Could you find every line in the entries below that holds the word "ObjectType" and copy it?
---
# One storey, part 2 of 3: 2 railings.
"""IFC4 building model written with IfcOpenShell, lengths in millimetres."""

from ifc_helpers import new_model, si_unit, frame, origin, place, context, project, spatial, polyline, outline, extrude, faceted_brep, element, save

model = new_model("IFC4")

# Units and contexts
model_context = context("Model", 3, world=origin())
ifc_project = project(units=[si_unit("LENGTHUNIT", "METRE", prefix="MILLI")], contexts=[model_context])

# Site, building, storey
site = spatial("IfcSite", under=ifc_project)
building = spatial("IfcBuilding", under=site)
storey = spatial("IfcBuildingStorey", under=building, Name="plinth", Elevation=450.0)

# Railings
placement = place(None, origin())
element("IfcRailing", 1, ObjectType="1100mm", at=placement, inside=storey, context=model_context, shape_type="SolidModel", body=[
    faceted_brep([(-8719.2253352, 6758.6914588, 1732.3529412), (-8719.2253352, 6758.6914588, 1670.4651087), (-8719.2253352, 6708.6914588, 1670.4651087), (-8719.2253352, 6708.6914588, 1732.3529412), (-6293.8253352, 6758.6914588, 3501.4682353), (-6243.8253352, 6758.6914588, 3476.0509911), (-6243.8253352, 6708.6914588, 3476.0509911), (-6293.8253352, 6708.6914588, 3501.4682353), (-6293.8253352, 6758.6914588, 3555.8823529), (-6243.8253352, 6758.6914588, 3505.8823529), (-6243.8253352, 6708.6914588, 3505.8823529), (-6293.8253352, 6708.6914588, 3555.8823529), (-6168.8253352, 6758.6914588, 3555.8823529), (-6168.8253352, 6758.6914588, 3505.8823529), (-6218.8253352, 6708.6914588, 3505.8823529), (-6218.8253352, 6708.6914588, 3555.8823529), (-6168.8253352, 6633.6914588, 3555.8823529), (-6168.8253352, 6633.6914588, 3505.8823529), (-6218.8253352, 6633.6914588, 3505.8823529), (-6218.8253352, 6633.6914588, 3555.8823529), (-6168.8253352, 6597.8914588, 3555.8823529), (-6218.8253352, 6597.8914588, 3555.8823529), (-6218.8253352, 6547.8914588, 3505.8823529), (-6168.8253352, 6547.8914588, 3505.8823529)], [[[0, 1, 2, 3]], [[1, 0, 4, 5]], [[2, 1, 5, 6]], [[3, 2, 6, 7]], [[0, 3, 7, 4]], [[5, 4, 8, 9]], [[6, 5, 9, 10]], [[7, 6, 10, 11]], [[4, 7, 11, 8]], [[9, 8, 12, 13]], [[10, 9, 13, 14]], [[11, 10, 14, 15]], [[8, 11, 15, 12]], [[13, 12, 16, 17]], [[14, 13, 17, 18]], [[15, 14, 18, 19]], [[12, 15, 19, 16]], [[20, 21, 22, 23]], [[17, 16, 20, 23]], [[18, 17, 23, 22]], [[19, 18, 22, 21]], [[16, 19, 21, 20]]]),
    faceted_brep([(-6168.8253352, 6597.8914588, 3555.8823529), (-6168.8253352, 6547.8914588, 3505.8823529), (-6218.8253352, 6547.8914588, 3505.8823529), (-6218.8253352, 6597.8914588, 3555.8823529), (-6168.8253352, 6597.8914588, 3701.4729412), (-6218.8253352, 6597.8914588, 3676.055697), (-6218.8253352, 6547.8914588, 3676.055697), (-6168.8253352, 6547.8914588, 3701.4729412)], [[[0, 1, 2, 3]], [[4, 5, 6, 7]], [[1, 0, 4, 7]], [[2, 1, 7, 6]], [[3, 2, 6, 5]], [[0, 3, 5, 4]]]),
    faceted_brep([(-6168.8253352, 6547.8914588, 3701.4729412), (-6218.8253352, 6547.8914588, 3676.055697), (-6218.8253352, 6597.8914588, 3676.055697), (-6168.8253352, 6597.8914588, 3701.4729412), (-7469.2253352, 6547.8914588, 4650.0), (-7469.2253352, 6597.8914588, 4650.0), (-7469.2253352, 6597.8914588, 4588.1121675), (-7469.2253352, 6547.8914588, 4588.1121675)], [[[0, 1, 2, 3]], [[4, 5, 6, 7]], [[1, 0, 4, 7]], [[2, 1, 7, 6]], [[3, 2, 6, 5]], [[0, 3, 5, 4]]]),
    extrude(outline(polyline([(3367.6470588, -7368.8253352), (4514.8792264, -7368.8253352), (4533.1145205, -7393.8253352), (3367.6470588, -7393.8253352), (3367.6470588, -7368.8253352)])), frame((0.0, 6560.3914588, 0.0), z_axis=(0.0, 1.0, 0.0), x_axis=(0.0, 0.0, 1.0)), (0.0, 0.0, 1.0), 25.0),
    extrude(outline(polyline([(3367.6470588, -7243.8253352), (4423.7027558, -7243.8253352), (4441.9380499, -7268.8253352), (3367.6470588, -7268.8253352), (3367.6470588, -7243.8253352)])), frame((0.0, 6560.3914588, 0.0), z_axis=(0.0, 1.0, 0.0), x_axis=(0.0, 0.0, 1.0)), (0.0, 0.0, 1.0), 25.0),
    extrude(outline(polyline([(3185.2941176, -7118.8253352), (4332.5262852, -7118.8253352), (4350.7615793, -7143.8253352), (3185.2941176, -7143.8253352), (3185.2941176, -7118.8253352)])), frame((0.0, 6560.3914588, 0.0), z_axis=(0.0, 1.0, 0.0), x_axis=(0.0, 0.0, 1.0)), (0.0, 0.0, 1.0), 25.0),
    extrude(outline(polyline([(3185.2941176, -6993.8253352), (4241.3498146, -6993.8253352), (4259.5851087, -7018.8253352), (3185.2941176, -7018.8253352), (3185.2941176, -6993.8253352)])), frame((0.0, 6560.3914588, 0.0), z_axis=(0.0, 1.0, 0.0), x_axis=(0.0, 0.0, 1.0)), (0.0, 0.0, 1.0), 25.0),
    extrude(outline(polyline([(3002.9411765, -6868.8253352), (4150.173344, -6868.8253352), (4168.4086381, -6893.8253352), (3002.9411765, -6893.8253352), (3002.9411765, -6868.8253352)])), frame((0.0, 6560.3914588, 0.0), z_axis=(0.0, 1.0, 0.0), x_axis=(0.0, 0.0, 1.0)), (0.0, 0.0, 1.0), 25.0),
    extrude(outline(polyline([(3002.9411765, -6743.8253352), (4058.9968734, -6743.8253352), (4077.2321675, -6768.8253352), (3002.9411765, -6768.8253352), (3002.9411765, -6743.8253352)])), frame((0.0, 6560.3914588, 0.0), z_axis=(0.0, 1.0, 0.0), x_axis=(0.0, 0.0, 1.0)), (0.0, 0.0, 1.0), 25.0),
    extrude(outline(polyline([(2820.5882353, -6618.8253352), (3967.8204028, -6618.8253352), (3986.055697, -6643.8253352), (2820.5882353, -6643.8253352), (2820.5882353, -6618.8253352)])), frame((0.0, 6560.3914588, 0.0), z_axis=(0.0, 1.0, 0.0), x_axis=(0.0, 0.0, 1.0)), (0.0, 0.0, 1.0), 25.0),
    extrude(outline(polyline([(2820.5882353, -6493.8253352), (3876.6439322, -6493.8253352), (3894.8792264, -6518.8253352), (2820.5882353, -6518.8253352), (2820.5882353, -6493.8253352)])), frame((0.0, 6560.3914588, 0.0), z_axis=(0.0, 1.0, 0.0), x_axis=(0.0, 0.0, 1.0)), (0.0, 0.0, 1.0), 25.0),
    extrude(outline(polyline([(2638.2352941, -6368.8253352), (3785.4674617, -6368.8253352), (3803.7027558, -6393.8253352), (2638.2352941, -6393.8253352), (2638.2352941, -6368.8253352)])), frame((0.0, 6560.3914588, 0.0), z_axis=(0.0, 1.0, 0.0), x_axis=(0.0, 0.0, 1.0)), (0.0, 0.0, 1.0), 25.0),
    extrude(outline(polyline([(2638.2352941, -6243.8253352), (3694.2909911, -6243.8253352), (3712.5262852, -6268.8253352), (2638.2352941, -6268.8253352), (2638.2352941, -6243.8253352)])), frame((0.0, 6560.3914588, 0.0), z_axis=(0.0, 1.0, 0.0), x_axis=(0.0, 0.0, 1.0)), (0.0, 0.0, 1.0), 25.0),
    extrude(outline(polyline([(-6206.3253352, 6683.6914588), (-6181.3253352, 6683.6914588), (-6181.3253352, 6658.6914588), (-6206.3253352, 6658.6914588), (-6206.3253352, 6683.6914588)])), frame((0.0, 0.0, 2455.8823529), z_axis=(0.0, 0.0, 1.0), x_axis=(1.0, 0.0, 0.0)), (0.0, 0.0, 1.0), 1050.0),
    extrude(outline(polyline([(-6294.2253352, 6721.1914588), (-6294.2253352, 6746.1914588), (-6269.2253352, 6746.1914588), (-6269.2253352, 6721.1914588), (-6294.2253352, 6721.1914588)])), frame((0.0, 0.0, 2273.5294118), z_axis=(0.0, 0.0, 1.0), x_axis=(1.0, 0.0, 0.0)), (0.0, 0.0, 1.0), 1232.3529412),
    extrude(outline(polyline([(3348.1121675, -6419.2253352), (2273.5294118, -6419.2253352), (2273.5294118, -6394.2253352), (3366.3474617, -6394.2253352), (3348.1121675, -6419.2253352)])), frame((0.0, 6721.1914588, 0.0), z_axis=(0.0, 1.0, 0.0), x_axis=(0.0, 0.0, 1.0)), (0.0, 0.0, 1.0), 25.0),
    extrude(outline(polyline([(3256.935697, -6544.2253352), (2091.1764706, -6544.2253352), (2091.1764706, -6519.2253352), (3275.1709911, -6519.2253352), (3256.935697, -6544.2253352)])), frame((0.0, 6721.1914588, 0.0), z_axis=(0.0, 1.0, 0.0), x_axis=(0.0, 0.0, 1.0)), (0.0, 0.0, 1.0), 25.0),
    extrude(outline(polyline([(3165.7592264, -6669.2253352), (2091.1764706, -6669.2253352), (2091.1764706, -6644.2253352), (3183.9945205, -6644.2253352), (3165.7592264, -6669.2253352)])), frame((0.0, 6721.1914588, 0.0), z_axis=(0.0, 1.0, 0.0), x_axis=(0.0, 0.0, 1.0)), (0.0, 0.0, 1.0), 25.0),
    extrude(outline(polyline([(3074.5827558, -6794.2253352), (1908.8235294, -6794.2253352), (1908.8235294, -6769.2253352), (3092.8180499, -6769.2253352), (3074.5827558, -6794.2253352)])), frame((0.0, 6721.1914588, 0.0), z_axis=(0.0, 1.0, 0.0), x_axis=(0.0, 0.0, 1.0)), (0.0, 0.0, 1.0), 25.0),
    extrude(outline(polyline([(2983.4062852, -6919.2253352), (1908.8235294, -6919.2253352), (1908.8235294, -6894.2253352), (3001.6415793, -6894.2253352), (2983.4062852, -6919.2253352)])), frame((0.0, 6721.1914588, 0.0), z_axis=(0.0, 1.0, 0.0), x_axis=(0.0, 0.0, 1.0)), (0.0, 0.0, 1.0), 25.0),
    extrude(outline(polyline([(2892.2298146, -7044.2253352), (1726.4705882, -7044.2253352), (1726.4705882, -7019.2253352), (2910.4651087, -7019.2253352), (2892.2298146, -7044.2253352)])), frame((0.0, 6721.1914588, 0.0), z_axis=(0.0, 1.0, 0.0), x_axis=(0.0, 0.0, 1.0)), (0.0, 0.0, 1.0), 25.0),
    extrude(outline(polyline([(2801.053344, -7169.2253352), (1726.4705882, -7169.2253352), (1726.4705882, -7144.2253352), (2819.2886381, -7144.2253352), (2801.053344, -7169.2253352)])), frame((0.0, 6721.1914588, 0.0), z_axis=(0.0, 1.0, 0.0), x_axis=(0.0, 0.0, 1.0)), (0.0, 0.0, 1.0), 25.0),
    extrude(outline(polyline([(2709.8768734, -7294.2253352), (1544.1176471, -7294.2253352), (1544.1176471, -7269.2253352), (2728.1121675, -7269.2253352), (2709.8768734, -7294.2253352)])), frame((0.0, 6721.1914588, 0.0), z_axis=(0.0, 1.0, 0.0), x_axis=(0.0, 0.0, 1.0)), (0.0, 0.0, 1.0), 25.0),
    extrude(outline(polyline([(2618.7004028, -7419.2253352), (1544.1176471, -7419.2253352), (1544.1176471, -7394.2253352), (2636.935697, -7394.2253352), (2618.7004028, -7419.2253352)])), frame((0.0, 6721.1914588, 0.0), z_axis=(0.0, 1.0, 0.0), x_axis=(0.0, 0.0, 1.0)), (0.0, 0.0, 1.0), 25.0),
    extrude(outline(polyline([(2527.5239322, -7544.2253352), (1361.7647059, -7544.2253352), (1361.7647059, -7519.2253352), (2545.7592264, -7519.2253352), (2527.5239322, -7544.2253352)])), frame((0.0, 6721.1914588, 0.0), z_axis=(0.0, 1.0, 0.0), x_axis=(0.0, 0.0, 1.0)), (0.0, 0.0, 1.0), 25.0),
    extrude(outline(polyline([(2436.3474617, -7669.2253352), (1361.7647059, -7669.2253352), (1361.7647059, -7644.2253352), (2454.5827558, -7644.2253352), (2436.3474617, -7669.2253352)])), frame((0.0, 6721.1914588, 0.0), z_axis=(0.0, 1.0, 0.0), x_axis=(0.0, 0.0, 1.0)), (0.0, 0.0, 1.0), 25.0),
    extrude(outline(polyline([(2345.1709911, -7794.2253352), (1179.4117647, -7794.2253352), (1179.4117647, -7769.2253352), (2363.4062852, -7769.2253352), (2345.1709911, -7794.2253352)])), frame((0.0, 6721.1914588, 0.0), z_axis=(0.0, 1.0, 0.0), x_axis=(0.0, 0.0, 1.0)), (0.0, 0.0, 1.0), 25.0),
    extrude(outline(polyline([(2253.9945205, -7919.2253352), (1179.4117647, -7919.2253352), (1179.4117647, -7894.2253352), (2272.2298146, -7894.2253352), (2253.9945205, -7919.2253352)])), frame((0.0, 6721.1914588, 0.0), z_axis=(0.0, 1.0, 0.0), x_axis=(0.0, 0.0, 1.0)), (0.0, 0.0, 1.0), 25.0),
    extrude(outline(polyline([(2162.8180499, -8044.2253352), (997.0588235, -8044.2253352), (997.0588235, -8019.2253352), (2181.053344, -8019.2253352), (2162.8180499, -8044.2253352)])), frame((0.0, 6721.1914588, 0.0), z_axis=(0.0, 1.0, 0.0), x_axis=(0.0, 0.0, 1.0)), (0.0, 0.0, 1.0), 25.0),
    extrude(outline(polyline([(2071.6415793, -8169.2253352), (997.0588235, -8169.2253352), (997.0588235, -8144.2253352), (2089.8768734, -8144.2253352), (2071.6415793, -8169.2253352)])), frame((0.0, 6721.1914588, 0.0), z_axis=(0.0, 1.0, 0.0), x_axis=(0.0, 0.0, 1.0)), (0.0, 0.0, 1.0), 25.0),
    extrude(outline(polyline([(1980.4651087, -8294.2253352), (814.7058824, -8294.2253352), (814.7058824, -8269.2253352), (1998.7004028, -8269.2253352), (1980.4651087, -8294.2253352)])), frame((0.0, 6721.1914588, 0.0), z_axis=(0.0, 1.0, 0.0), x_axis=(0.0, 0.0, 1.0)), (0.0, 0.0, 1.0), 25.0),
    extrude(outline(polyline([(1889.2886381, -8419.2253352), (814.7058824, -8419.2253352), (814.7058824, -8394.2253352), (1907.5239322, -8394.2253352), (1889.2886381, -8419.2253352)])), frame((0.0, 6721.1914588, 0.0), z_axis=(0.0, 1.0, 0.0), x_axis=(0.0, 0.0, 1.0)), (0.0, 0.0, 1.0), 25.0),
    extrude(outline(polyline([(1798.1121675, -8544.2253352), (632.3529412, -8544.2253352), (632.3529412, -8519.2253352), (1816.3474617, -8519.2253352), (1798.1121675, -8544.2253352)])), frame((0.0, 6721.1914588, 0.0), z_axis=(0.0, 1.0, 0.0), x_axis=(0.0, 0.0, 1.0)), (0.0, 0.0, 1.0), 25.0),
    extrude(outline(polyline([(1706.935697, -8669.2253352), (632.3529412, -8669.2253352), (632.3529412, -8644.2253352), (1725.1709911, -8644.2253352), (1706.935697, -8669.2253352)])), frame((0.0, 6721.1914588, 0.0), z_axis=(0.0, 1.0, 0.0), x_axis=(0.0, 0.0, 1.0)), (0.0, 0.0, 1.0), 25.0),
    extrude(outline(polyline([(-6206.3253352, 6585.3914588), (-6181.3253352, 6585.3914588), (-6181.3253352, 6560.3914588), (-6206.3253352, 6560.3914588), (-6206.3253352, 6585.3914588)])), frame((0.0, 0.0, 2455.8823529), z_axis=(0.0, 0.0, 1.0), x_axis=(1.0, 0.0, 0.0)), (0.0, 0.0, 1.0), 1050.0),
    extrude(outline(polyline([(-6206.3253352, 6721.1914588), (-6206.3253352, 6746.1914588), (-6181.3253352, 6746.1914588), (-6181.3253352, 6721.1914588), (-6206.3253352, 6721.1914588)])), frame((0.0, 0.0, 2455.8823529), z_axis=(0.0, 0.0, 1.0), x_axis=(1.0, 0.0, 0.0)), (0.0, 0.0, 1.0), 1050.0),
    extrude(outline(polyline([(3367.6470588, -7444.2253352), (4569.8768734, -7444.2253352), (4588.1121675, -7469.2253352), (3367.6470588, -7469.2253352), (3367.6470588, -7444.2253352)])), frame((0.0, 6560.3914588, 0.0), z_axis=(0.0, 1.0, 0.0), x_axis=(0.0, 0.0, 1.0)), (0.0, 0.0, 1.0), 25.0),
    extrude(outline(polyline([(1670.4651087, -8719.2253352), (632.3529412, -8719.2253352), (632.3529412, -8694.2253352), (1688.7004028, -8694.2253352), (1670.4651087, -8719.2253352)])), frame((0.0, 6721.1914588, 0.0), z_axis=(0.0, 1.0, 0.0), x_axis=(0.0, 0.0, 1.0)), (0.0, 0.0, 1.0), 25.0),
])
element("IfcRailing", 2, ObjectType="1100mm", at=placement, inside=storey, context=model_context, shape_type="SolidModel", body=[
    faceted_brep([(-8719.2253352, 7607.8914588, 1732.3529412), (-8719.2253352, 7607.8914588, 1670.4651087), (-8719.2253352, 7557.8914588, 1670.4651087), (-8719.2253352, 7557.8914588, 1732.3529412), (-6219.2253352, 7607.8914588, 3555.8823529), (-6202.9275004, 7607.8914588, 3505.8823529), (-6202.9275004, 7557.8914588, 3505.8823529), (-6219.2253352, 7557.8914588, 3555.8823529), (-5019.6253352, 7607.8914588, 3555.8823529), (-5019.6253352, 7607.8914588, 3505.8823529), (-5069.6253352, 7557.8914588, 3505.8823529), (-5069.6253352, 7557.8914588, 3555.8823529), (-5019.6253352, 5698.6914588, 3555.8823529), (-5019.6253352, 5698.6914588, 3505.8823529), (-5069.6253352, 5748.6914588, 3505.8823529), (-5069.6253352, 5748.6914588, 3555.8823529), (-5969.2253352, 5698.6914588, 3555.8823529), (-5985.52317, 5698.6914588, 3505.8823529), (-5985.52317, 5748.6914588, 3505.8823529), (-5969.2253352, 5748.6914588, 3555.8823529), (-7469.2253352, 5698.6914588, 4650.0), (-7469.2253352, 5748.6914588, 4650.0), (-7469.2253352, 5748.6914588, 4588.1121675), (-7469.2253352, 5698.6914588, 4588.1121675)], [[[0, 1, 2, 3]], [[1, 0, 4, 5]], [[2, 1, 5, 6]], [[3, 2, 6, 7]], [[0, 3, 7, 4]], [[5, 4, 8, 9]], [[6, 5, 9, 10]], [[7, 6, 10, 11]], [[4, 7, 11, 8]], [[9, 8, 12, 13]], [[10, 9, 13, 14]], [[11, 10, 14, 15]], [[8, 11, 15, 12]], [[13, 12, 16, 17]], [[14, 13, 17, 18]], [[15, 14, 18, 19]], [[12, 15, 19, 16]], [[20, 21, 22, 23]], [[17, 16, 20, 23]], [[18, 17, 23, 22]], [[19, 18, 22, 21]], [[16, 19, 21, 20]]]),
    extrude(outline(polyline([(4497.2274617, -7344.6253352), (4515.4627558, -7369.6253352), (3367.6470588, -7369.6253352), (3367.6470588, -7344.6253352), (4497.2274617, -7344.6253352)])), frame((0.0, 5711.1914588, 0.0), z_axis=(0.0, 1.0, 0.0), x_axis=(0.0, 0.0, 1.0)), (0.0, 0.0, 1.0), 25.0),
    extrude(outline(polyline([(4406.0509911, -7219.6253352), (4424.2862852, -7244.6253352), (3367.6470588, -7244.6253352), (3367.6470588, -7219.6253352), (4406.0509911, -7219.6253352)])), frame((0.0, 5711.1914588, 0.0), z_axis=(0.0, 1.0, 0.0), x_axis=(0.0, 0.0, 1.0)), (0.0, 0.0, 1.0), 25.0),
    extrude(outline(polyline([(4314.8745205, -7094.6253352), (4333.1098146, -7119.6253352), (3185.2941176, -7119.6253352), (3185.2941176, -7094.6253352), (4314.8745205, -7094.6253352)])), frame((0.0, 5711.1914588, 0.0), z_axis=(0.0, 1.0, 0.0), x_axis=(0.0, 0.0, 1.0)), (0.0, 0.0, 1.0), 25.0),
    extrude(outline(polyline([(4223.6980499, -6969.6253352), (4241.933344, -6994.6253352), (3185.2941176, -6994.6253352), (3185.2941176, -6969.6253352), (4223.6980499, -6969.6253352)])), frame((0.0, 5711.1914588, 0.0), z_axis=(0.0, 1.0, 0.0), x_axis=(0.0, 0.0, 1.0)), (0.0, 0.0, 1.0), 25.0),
---
FINISHED TASK —
element("IfcRailing", 1, ObjectType="1100mm", at=placement, inside=storey, context=model_context, shape_type="SolidModel", body=[
element("IfcRailing", 2, ObjectType="1100mm", at=placement, inside=storey, context=model_context, shape_type="SolidModel", body=[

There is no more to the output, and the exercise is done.